Seongnyugul Cave is a limestone cave in Uljin, North Gyeongsang, South Korea, which was designated natural monument No 155 of South Korea on May 10, 1963.

It is also called Seonyugul (선유굴, 仙遊窟) and Jangcheongul (장천굴, 掌天窟). The name, Seongnyu (聖留), which means a place where sacred Buddhas stayed, and derives from the fact that Buddha statues were sheltered and protected in this cave during the Japanese invasion of Korea of 1592.

The length of the main cave is about 330 m, and the length remaining passage about 540 m, giving a total length of approximately 870 m, and has an area of 137,454 m^{2}. A lake is developing in the cave due to the flows of the Wangpicheon, a river next to the cave. Within the cave there are many stalactites, stalagmites, and stone pillars formed from their joins.

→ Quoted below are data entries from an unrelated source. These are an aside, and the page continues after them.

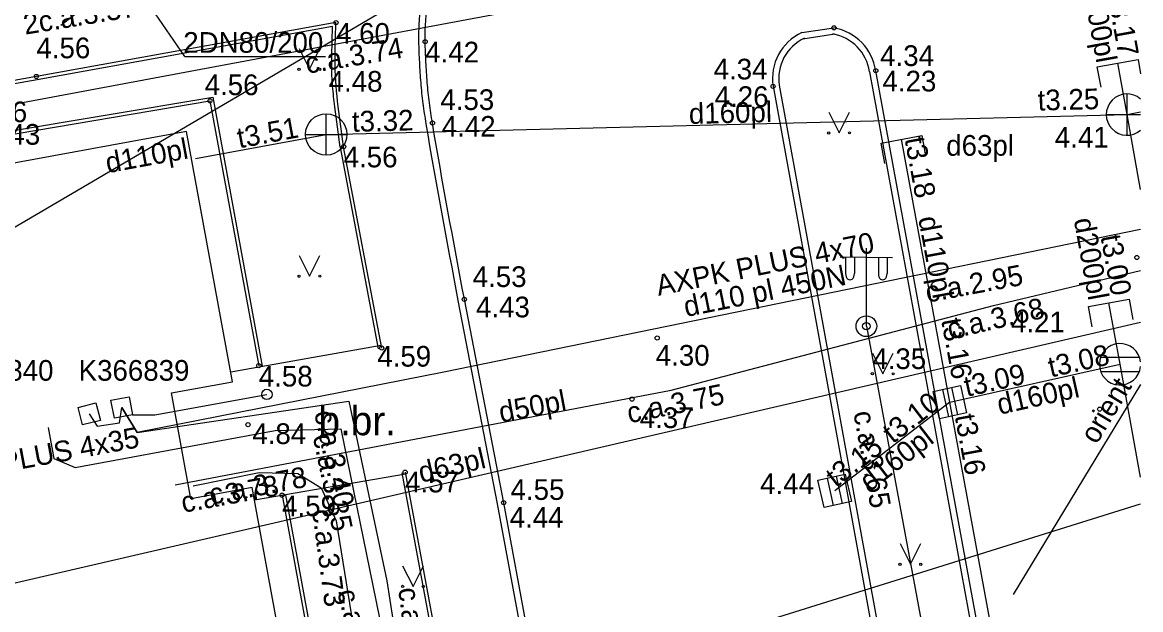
# Model space of a CAD drawing. Extents: x 484635 to 484808, y 278866 to 278977.
# Drawn here: x 484780.57 to 484807.57, y 278884.44 to 278898.63 of the extents above; entities that cross this region are included whole.
import ezdxf

# ---------------------------------------------------------------- set-up
doc = ezdxf.new("R2010")
doc.units = 0
for name, color, linetype in [('APGS_ACRL_####_####_#', 7, 'Continuous'), ('APGS_ELEM_####_####_#', 7, 'Continuous'), ('APGS_ELEM_####_TKST_#', 7, 'Continuous'), ('APGS_VADP_ZSPR_####_I', 7, 'Continuous'), ('BUVE_EKAS_####_####_#', 7, 'Continuous'), ('CELI_CAPM_####_####_#', 7, 'Continuous'), ('CELI_CMAL_####_####_#', 7, 'Continuous'), ('CELI_CSEG_####_TKST_#', 7, 'Continuous'), ('CKOM_ELEM_####_####_#', 7, 'Continuous'), ('CKOM_ZEMJ_####_####_#', 7, 'Continuous'), ('DREN_ELEM_####_####_#', 7, 'Continuous'), ('DREN_VADP_####_####_I', 7, 'Continuous'), ('DREN_VADP_####_TKST_I', 7, 'Continuous'), ('ELEK_ACRL_####_####_#', 7, 'Continuous'), ('ELEK_ACRL_####_TKST_#', 7, 'Continuous'), ('ELEK_ELEM_####_####_#', 7, 'Continuous'), ('ELEK_ELEM_####_TKST_#', 7, 'Continuous'), ('ELEK_VADP_ZSPR_####_I', 7, 'Continuous'), ('ELEK_VADP_ZSPR_TKST_I', 7, 'Continuous'), ('LKAN_ELEM_####_####_#', 7, 'Continuous'), ('LKAN_ELEM_PAST_TKST_#', 7, 'Continuous'), ('LKAN_VADP_PAST_####_#', 7, 'Continuous'), ('LKAN_VADP_PAST_####_I', 7, 'Continuous'), ('LKAN_VADP_PAST_TKST_I', 7, 'Continuous'), ('RELJ_AATZ_####_TKST_#', 7, 'Continuous'), ('RELJ_ELEM_####_####_#', 7, 'Continuous'), ('SAKK_KKAN_####_####_I', 7, 'Continuous'), ('SAKK_KKAN_####_TKST_I', 7, 'Continuous'), ('SAKT_VADP_NEDR_####_#', 7, 'Continuous'), ('SAKT_VADP_NEDR_TKST_#', 7, 'Continuous'), ('SILT_VADP_UDEN_TKST_I', 7, 'Continuous'), ('SKAN_ELEM_####_####_#', 7, 'Continuous'), ('SKAN_ELEM_PAST_TKST_#', 7, 'Continuous'), ('SKAN_VADP_NEDR_####_#', 7, 'Continuous'), ('SKAN_VADP_PAST_####_I', 7, 'Continuous'), ('SKAN_VADP_PAST_TKST_I', 7, 'Continuous'), ('TERT_ELEM_####_####_#', 7, 'Continuous'), ('UDTK_VADP_NEDR_####_#', 7, 'Continuous'), ('UDTK_VADP_UDEN_####_I', 7, 'Continuous'), ('UDTK_VADP_UDEN_TKST_I', 7, 'Continuous')]:
    doc.layers.add(name, color=color, linetype=linetype)

msp = doc.modelspace()

# ---------------------------------------------------------------- linework, layer by layer
at = {"layer": 'APGS_ACRL_####_####_#'}
msp.add_lwpolyline([(484800.949, 278891.291), (484804.267, 278873.397), (484805.658, 278866.043)], dxfattribs=at)
at = {"layer": 'APGS_ELEM_####_####_#'}
for p, q in [((484800.949, 278891.291), (484800.949, 278893.174)), ((484800.949, 278892.958), (484800.314, 278892.953)), ((484800.449, 278892.954), (484800.449, 278892.562)), ((484800.659, 278892.956), (484800.659, 278892.562)), ((484800.949, 278892.958), (484801.584, 278892.953)), ((484801.239, 278892.956), (484801.239, 278892.562)), ((484801.449, 278892.954), (484801.449, 278892.562))]:
    msp.add_line(p, q, dxfattribs=at)
for radius in [0.25, 0.09]:
    msp.add_circle((484800.949, 278891.291), radius, dxfattribs=at)
for centre, major_axis, start_param, end_param in [((484800.554, 278892.562), (0, 0.151), 1.570796, 4.712389), ((484801.344, 278892.562), (0, -0.151), 4.712389, 7.853982)]:
    msp.add_ellipse(centre, major_axis=major_axis, ratio=0.695971, start_param=start_param, end_param=end_param, dxfattribs=at)
at = {"layer": 'APGS_VADP_ZSPR_####_I'}
msp.add_lwpolyline([(484800.949, 278891.291), (484804.267, 278873.397), (484805.658, 278866.043)], dxfattribs=at)
at = {"layer": 'BUVE_EKAS_####_####_#'}
for p, q in [((484784.53, 278895.998), (484773.318, 278893.935)), ((484785.643, 278889.949), (484784.53, 278895.998)), ((484784.168, 278889.678), (484785.643, 278889.949)), ((484784.638, 278887.121), (484784.168, 278889.678)), ((484786.113, 278887.392), (484784.638, 278887.121)), ((484787.226, 278881.344), (484786.113, 278887.392))]:
    msp.add_line(p, q, dxfattribs=at)
at = {"layer": 'CELI_CAPM_####_####_#'}
for p, q in [((484788.14, 278898.629), (484780.905, 278897.327)), ((484788.058, 278898.533), (484780.919, 278897.248)), ((484799.391, 278898.387), (484800.167, 278898.503)), ((484799.413, 278898.238), (484800.19, 278898.355)), ((484780.905, 278897.327), (484773.429, 278895.967)), ((484780.92, 278897.248), (484773.473, 278895.893)), ((484779.629, 278895.897), (484785.162, 278896.83)), ((484785.162, 278896.83), (484786.359, 278890.324)), ((484779.642, 278895.818), (484785.097, 278896.738)), ((484785.097, 278896.738), (484786.275, 278890.335)), ((484789.167, 278890.748), (484788.245, 278895.615)), ((484789.245, 278890.763), (484788.324, 278895.63)), ((484792.044, 278886.996), (484791.093, 278891.913)), ((484792.191, 278887.024), (484791.241, 278891.942)), ((484793.728, 278877.892), (484792.044, 278886.997)), ((484793.875, 278877.919), (484792.191, 278887.024))]:
    msp.add_line(p, q, dxfattribs=at)
for points in [[(484806.787, 278866.043), (484804.221, 278880.039), (484801.029, 278897.438)], [(484806.939, 278866.043), (484804.369, 278880.066), (484801.177, 278897.465)], [(484798.696, 278897.09), (484801.688, 278880.665), (484804.352, 278866.043)], [(484798.844, 278897.117), (484801.835, 278880.691), (484804.505, 278866.043)], [(484789.731, 278887.748), (484790.96, 278881.112), (484791.811, 278876.364)], [(484789.809, 278887.762), (484791.039, 278881.126), (484791.89, 278876.378)], [(484786.839, 278887.208), (484788.016, 278880.789), (484786.643, 278880.516), (484787.532, 278875.724)], [(484786.919, 278887.216), (484788.109, 278880.725), (484786.736, 278880.453), (484787.611, 278875.738)]]:
    msp.add_lwpolyline(points, dxfattribs=at)
for centre, radius, start, end in [((484799.909, 278897.275), 1.227, 115.0118, 188.6452), ((484799.942, 278897.274), 1.249, 8.8004, 79.6267), ((484799.909, 278897.275), 1.077, 115.0118, 188.6452), ((484799.942, 278897.274), 1.099, 8.8004, 79.6267)]:
    msp.add_arc(centre, radius, start, end, dxfattribs=at)
for points in [[(484791.093, 278891.915), (484790.321, 278896.182), (484790.246, 278896.676), (484790.194, 278897.173), (484790.161, 278897.672), (484790.143, 278898.169), (484790.155, 278898.665), (484790.207, 278899.159), (484790.291, 278899.653), (484790.4, 278900.147), (484790.526, 278900.628), (484790.676, 278901.097), (484790.85, 278901.557), (484791.053, 278902.011), (484791.531, 278902.881), (484792.088, 278903.7), (484792.712, 278904.47), (484793.41, 278905.175), (484794.191, 278905.799), (484795.034, 278906.336), (484795.899, 278906.782), (484796.807, 278907.137), (484797.774, 278907.393), (484798.754, 278907.542), (484799.749, 278907.59), (484800.745, 278907.537), (484801.722, 278907.387), (484802.686, 278907.129), (484803.612, 278906.767), (484804.493, 278906.309), (484805.33, 278905.77), (484805.725, 278905.473), (484806.108, 278905.152), (484806.826, 278904.45), (484807.467, 278903.676), (484807.573, 278903.533)], [(484791.241, 278891.942), (484790.47, 278896.202), (484790.395, 278896.69), (484790.344, 278897.182), (484790.312, 278897.674), (484790.294, 278898.166), (484790.306, 278898.654), (484790.357, 278899.141), (484790.44, 278899.626), (484790.546, 278900.112), (484790.671, 278900.586), (484790.818, 278901.047), (484790.99, 278901.5), (484791.19, 278901.947), (484791.66, 278902.803), (484792.209, 278903.61), (484792.823, 278904.369), (484793.511, 278905.062), (484794.279, 278905.676), (484795.109, 278906.205), (484795.961, 278906.645), (484796.854, 278906.993), (484797.805, 278907.246), (484798.769, 278907.392), (484799.749, 278907.439), (484800.729, 278907.387), (484801.691, 278907.239), (484802.639, 278906.986), (484803.55, 278906.629), (484804.418, 278906.178), (484805.242, 278905.648), (484805.631, 278905.355), (484806.008, 278905.039), (484806.715, 278904.347), (484807.346, 278903.586), (484807.573, 278903.274)], [(484788.244, 278895.619), (484788.114, 278896.595), (484788.083, 278896.843), (484788.058, 278897.091), (484788.042, 278897.34), (484788.039, 278897.589), (484788.058, 278898.533)], [(484788.324, 278895.63), (484788.194, 278896.603), (484788.119, 278897.592), (484788.14, 278898.629)]]:
    msp.add_spline(points, degree=3, dxfattribs=at)
at = {"layer": 'CELI_CMAL_####_####_#'}
for points in [[(484785.599, 278890.19), (484789.233, 278890.83)], [(484789.817, 278887.718), (484786.17, 278887.086)]]:
    msp.add_lwpolyline(points, dxfattribs=at)
at = {"layer": 'CKOM_ELEM_####_####_#'}
msp.add_lwpolyline([(484781.496, 278898.57), (484781.852, 278898.842), (484781.421, 278898.963), (484781.777, 278899.235), (484781.346, 278899.356), (484781.702, 278899.628)], dxfattribs=at)
msp.add_circle((484786.472, 278889.643), 0.125, dxfattribs=at)
at = {"layer": 'CKOM_ZEMJ_####_####_#'}
msp.add_lwpolyline([(484783.227, 278889.152), (484783.762, 278889.145), (484786.472, 278889.643)], dxfattribs=at)
at = {"layer": 'DREN_ELEM_####_####_#'}
msp.add_lwpolyline([(484801.398, 278895.226), (484801.307, 278895.718), (484802.291, 278895.899), (484802.381, 278895.407)], dxfattribs=at)
at = {"layer": 'DREN_VADP_####_####_I'}
msp.add_line((484802.968, 278889.456), (484801.799, 278895.808), dxfattribs=at)
msp.add_lwpolyline([(484805.836, 278873.802), (484802.968, 278889.456)], dxfattribs=at)
at = {"layer": 'ELEK_ACRL_####_####_#'}
for points in [[(484807.573, 278893.629), (484790.746, 278890.18), (484783.337, 278888.722), (484782.967, 278889.326)], [(484782.967, 278889.326), (484783.337, 278888.722), (484788.452, 278889.478), (484789.367, 278885.14), (484789.804, 278882.334), (484789.731, 278881.43), (484790.16, 278880.357), (484791.085, 278875.503), (484791.062, 278875.354), (484783.559, 278873.877), (484783.132, 278874.493)], [(484781.185, 278888.845), (484781.329, 278888.091), (484781.841, 278887.878), (484786.673, 278888.772), (484788.257, 278888.812), (484789.576, 278882.339), (484789.452, 278881.33), (484789.936, 278880.279), (484790.808, 278874.869), (484790.648, 278874.587), (484781.611, 278872.941), (484780.931, 278873.356), (484780.833, 278874.148)]]:
    msp.add_lwpolyline(points, dxfattribs=at)
at = {"layer": 'ELEK_ELEM_####_####_#'}
for points in [[(484783.227, 278889.152), (484782.788, 278889.069), (484782.706, 278889.501), (484783.145, 278889.584)], [(484782.453, 278889.015), (484782.021, 278888.904), (484781.911, 278889.33), (484782.343, 278889.441)]]:
    msp.add_lwpolyline(points, close=True, dxfattribs=at)
at = {"layer": 'ELEK_VADP_ZSPR_####_I'}
for points in [[(484807.573, 278893.629), (484790.746, 278890.18), (484783.337, 278888.722), (484782.967, 278889.326)], [(484782.967, 278889.326), (484783.337, 278888.722), (484788.452, 278889.478), (484789.367, 278885.14), (484789.804, 278882.334), (484789.731, 278881.43), (484790.16, 278880.357), (484791.085, 278875.503), (484791.062, 278875.354), (484783.559, 278873.877), (484783.132, 278874.493)], [(484782.182, 278889.172), (484782.371, 278888.872), (484782.912, 278888.959), (484782.967, 278889.326)], [(484781.185, 278888.845), (484781.329, 278888.091), (484781.841, 278887.878), (484786.673, 278888.772), (484788.257, 278888.812), (484789.576, 278882.339), (484789.452, 278881.33), (484789.936, 278880.279), (484790.808, 278874.869), (484790.648, 278874.587), (484781.611, 278872.941), (484780.931, 278873.356), (484780.833, 278874.148)]]:
    msp.add_lwpolyline(points, dxfattribs=at)
at = {"layer": 'LKAN_ELEM_####_####_#'}
for p, q in [((484806.608, 278890.545), (484807.544, 278890.545)), ((484806.608, 278890.195), (484807.544, 278890.195)), ((484802.785, 278889.761), (484802.931, 278889.102)), ((484803.004, 278889.809), (484803.151, 278889.151)), ((484800.001, 278887.618), (484800.148, 278886.959)), ((484800.221, 278887.667), (484800.367, 278887.008))]:
    msp.add_line(p, q, dxfattribs=at)
msp.add_lwpolyline([(484806.403, 278891.273), (484806.314, 278891.765), (484807.297, 278891.944), (484807.387, 278891.453)], dxfattribs=at)
for points in [[(484802.565, 278889.712), (484803.224, 278889.858), (484803.371, 278889.199), (484802.712, 278889.053)], [(484799.781, 278887.569), (484800.44, 278887.716), (484800.587, 278887.057), (484799.928, 278886.911)]]:
    msp.add_lwpolyline(points, close=True, dxfattribs=at)
msp.add_arc((484807.076, 278890.37), 0.5, 6.4718, 353.5282, dxfattribs=at)
at = {"layer": 'LKAN_VADP_PAST_####_#'}
msp.add_line((484807.573, 278887.645), (484807.076, 278890.37), dxfattribs=at)
msp.add_lwpolyline([(484807.076, 278890.37), (484806.806, 278891.855)], dxfattribs=at)
at = {"layer": 'LKAN_VADP_PAST_####_I'}
for q in [(484807.076, 278890.37), (484800.184, 278887.313)]:
    msp.add_line((484802.968, 278889.456), q, dxfattribs=at)
at = {"layer": 'RELJ_ELEM_####_####_#'}
for centre in [(484788.14, 278898.629), (484800.167, 278898.503), (484790.294, 278898.166), (484780.905, 278897.327), (484801.177, 278897.465), (484798.696, 278897.09), (484785.097, 278896.738), (484790.47, 278896.202), (484788.324, 278895.63), (484807.481, 278892.952), (484791.241, 278891.942), (484795.898, 278891.006), (484789.245, 278890.763), (484786.275, 278890.335), (484795.289, 278889.529), (484806.583, 278889.286), (484786.015, 278888.91), (484789.809, 278887.762), (484786.839, 278887.208), (484792.191, 278887.024)]:
    msp.add_circle(centre, 0.05, dxfattribs=at)
at = {"layer": 'SAKK_KKAN_####_####_I'}
for points in [[(484761.895, 278888.193), (484770.872, 278894.886), (484788.535, 278898.187), (484797.166, 278899.809), (484807.573, 278901.643)], [(484784.255, 278887.457), (484796.234, 278889.744), (484804.019, 278891.792), (484807.573, 278892.634)], [(484784.69, 278887.431), (484786.281, 278887.759), (484787.215, 278887.727), (484787.779, 278887.388), (484788.143, 278886.589), (484789.238, 278879.793), (484790.369, 278872.4), (484791.546, 278866.043)]]:
    msp.add_lwpolyline(points, dxfattribs=at)
at = {"layer": 'SAKT_VADP_NEDR_####_#'}
msp.add_lwpolyline([(484807.573, 278889.88), (484804.494, 278884.804)], dxfattribs=at)
at = {"layer": 'SILT_VADP_UDEN_TKST_I'}
msp.add_line((484784.493, 278897.806), (484787.889, 278897.806), dxfattribs=at)
msp.add_lwpolyline([(484784.493, 278897.806), (484783.342, 278899.492)], dxfattribs=at)
at = {"layer": 'SKAN_ELEM_####_####_#'}
for p, q in [((484807.244, 278895.905), (484807.244, 278896.905)), ((484787.904, 278895.425), (484787.904, 278896.425)), ((484806.744, 278896.405), (484807.573, 278896.405)), ((484787.404, 278895.925), (484788.404, 278895.925))]:
    msp.add_line(p, q, dxfattribs=at)
msp.add_lwpolyline([(484806.616, 278897.067), (484806.527, 278897.559), (484807.511, 278897.738), (484807.573, 278897.394)], dxfattribs=at)
msp.add_circle((484787.904, 278895.925), 0.5, dxfattribs=at)
msp.add_arc((484807.244, 278896.405), 0.5, 48.8851, 311.1149, dxfattribs=at)
at = {"layer": 'SKAN_VADP_NEDR_####_#'}
msp.add_lwpolyline([(484756.132, 278870.921), (484807.573, 278886.997)], dxfattribs=at)
at = {"layer": 'SKAN_VADP_PAST_####_I'}
for p, q in [((484807.573, 278894.592), (484807.244, 278896.405)), ((484784.75, 278895.344), (484787.904, 278895.925))]:
    msp.add_line(p, q, dxfattribs=at)
for points in [[(484807.244, 278896.405), (484807.019, 278897.648)], [(484787.904, 278895.925), (484807.244, 278896.405)], [(484807.244, 278896.405), (484807.573, 278896.473)]]:
    msp.add_lwpolyline(points, dxfattribs=at)
at = {"layer": 'TERT_ELEM_####_####_#'}
for p, q in [((484787.25, 278898), (484787.5, 278897.5)), ((484787.5, 278897.5), (484787.75, 278898)), ((484800.042, 278896.464), (484800.292, 278895.964)), ((484800.292, 278895.964), (484800.542, 278896.464)), ((484787.25, 278893), (484787.5, 278892.5)), ((484787.5, 278892.5), (484787.75, 278893)), ((484801.097, 278890.641), (484801.347, 278890.141)), ((484801.347, 278890.141), (484801.597, 278890.641)), ((484801.763, 278886.036), (484802.013, 278885.536)), ((484802.013, 278885.536), (484802.263, 278886.036)), ((484789.75, 278885.5), (484790, 278885)), ((484790, 278885), (484790.25, 278885.5))]:
    msp.add_line(p, q, dxfattribs=at)
for centre, radius in [((484787.25, 278897.5), 0.028), ((484787.75, 278897.5), 0.0263), ((484800.042, 278895.963), 0.028), ((484800.542, 278895.963), 0.0263), ((484787.25, 278892.5), 0.028), ((484787.75, 278892.5), 0.0263), ((484801.097, 278890.141), 0.028), ((484801.597, 278890.141), 0.0263), ((484801.763, 278885.535), 0.028), ((484802.263, 278885.535), 0.0263), ((484789.75, 278885), 0.028), ((484790.25, 278885), 0.0263)]:
    msp.add_circle(centre, radius, dxfattribs=at)
at = {"layer": 'UDTK_VADP_NEDR_####_#'}
msp.add_lwpolyline([(484753.238, 278876.403), (484757.275, 278880.118), (484799.521, 278904.942)], dxfattribs=at)
at = {"layer": 'UDTK_VADP_UDEN_####_I'}
msp.add_lwpolyline([(484807.573, 278891.378), (484776.243, 278884.118)], dxfattribs=at)

# ---------------------------------------------------------------- texts
at = {"layer": 'APGS_ELEM_####_TKST_#'}
msp.add_text('c.a.3.65', height=0.5, rotation=280.23, dxfattribs=at).set_placement((484800.634, 278889.203))
at = {"layer": 'CELI_CSEG_####_TKST_#'}
msp.add_text('b.br.', height=0.7, dxfattribs=at).set_placement((484787.717, 278888.656))
at = {"layer": 'DREN_VADP_####_TKST_I'}
for s, rotation, p in [('t3.18', 280.4235, (484801.871, 278895.819)), ('d110pl', 280.4235, (484802.2, 278893.905)), ('t3.16', 280.4235, (484802.755, 278891.44)), ('t3.16', 280.3837, (484803.082, 278889.123))]:
    msp.add_text(s, height=0.5, rotation=rotation, dxfattribs=at).set_placement(p)
at = {"layer": 'ELEK_ACRL_####_TKST_#'}
for s, rotation, p in [('d110 pl 450N', 11.3998, (484796.594, 278891.512)), ('c.a.2.95', 10.5208, (484802.426, 278891.86)), ('c.a.3.40', 282.0022, (484787.61, 278889.204)), ('c.a.3.35', 281.8159, (484787.577, 278888.63)), ('c.a.3.30', 284.2745, (484788.165, 278884.87)), ('c.a.3.33', 277.4256, (484789.641, 278884.947))]:
    msp.add_text(s, height=0.5, rotation=rotation, dxfattribs=at).set_placement(p)
at = {"layer": 'ELEK_ELEM_####_TKST_#'}
for s, p in [('K366840', (484778.64, 278889.973)), ('K366839', (484781.924, 278889.973))]:
    msp.add_text(s, height=0.5, dxfattribs=at).set_placement(p)
at = {"layer": 'ELEK_VADP_ZSPR_TKST_I'}
for s, rotation, p in [('AXPK PLUS 4x70', 11.3998, (484795.926, 278892.024)), ('AXPK PLUS 4x35', 10.529, (484778.157, 278887.392))]:
    msp.add_text(s, height=0.5, rotation=rotation, dxfattribs=at).set_placement(p)
at = {"layer": 'LKAN_ELEM_PAST_TKST_#'}
for s, p in [('4.21', (484804.441, 278891.142)), ('4.35', (484801.092, 278890.255)), ('4.44', (484798.383, 278887.233))]:
    msp.add_text(s, height=0.5, dxfattribs=at).set_placement(p)
at = {"layer": 'LKAN_VADP_PAST_TKST_I'}
for s, rotation, p in [('d200pl', 280.3324, (484805.956, 278893.866)), ('t3.00', 280.3324, (484806.603, 278893.462)), ('t3.08', 12.5473, (484805.403, 278890.05)), ('t3.09', 12.5473, (484803.373, 278889.583)), ('d160pl', 12.5473, (484804.167, 278889.149)), ('t3.10', 37.5807, (484801.587, 278888.436)), ('d160pl', 37.5807, (484801.028, 278887.275)), ('t3.15', 37.5807, (484800.215, 278887.372))]:
    msp.add_text(s, height=0.5, rotation=rotation, dxfattribs=at).set_placement(p)
at = {"layer": 'RELJ_AATZ_####_TKST_#'}
for s, p in [('4.60', (484788.14, 278898.118)), ('4.56', (484780.905, 278897.767)), ('4.42', (484790.294, 278897.666)), ('4.34', (484801.282, 278897.58)), ('4.34', (484797.26, 278897.255)), ('4.56', (484784.967, 278896.876)), ('4.23', (484801.338, 278896.965)), ('4.26', (484797.285, 278896.59)), ('4.53', (484790.66, 278896.516)), ('4.56', (484779.382, 278896.221)), ('4.42', (484790.693, 278895.871)), (' 4.43', (484779.511, 278895.677)), ('4.56', (484788.324, 278895.13)), ('4.53', (484791.441, 278892.238)), ('4.43', (484791.521, 278891.505)), ('4.59', (484789.137, 278890.314)), ('4.30', (484795.863, 278890.337)), ('4.58', (484786.275, 278889.833)), (' 4.37', (484795.289, 278888.829)), ('4.84', (484786.12, 278888.443)), ('4.57', (484789.809, 278887.274)), ('4.55', (484792.356, 278887.093)), ('4.59', (484786.839, 278886.698)), ('4.44', (484792.335, 278886.424))]:
    msp.add_text(s, height=0.5, dxfattribs=at).set_placement(p)
at = {"layer": 'SAKK_KKAN_####_TKST_I'}
for s, rotation, p in [('c.a.3.74', 9.5341, (484787.443, 278897.391)), ('c.a.3.68', 12.9047, (484802.966, 278890.97)), ('d50pl', 10.808, (484792.125, 278888.96)), ('c.a.3.75', 11.4269, (484795.222, 278888.943)), ('c.a.3.78', 10.611, (484785.13, 278886.976)), ('c.a.3.78', 10.4542, (484784.45, 278886.779)), ('c.a.3.73', 277.5882, (484787.56, 278886.842))]:
    msp.add_text(s, height=0.5, rotation=rotation, dxfattribs=at).set_placement(p)
at = {"layer": 'SAKT_VADP_NEDR_TKST_#'}
msp.add_text('orient', height=0.5, rotation=58.7591, dxfattribs=at).set_placement((484806.509, 278888.415))
at = {"layer": 'SILT_VADP_UDEN_TKST_I'}
msp.add_text('2c.a.3.37', height=0.5, rotation=9.3439, dxfattribs=at).set_placement((484780.632, 278898.336))
msp.add_text('2DN80/200', height=0.5, dxfattribs=at).set_placement((484784.451, 278897.899))
at = {"layer": 'SKAN_ELEM_PAST_TKST_#'}
for s, p in [('4.48', (484787.961, 278896.959)), ('4.41', (484805.501, 278895.609))]:
    msp.add_text(s, height=0.5, dxfattribs=at).set_placement(p)
at = {"layer": 'SKAN_VADP_PAST_TKST_I'}
for s, rotation, p in [('d200pl', 280.2797, (484806.151, 278899.605)), ('t3.17', 280.2797, (484806.779, 278899.243)), ('t3.25', 1.4225, (484805.092, 278896.502)), ('t3.32', 1.4225, (484788.53, 278895.988)), ('d160pl', 1.4225, (484796.668, 278896.177)), ('t3.51', 10.4375, (484785.802, 278895.589)), ('d110pl', 10.4375, (484782.625, 278894.988))]:
    msp.add_text(s, height=0.5, rotation=rotation, dxfattribs=at).set_placement(p)
at = {"layer": 'UDTK_VADP_UDEN_TKST_I'}
msp.add_text('d63pl', height=0.5, dxfattribs=at).set_placement((484802.878, 278895.411))
msp.add_text('d63pl', height=0.5, rotation=13.0463, dxfattribs=at).set_placement((484790.196, 278887.505))

doc.saveas('drawing.dxf')

During the 1592 Japanese invasion, about 500 people took refuge in this cave, and it is said that the Japanese troops blocked the entrance, resulting in the deaths of all inside.
==Significance==
The entrance of the cave has a stone engraved with a travelogue from the Silla Dynasty confirming that the cave has been a sacred place of scenic beauty since ancient times. Other historical materials about Seongnyugul Cave from various eras also attest its value: such as the story of Prince Bojildo (the Unified Silla period), a book (late Goryeo dynasty) a poem (early Joseon dynasty), and a painting (late Joseon).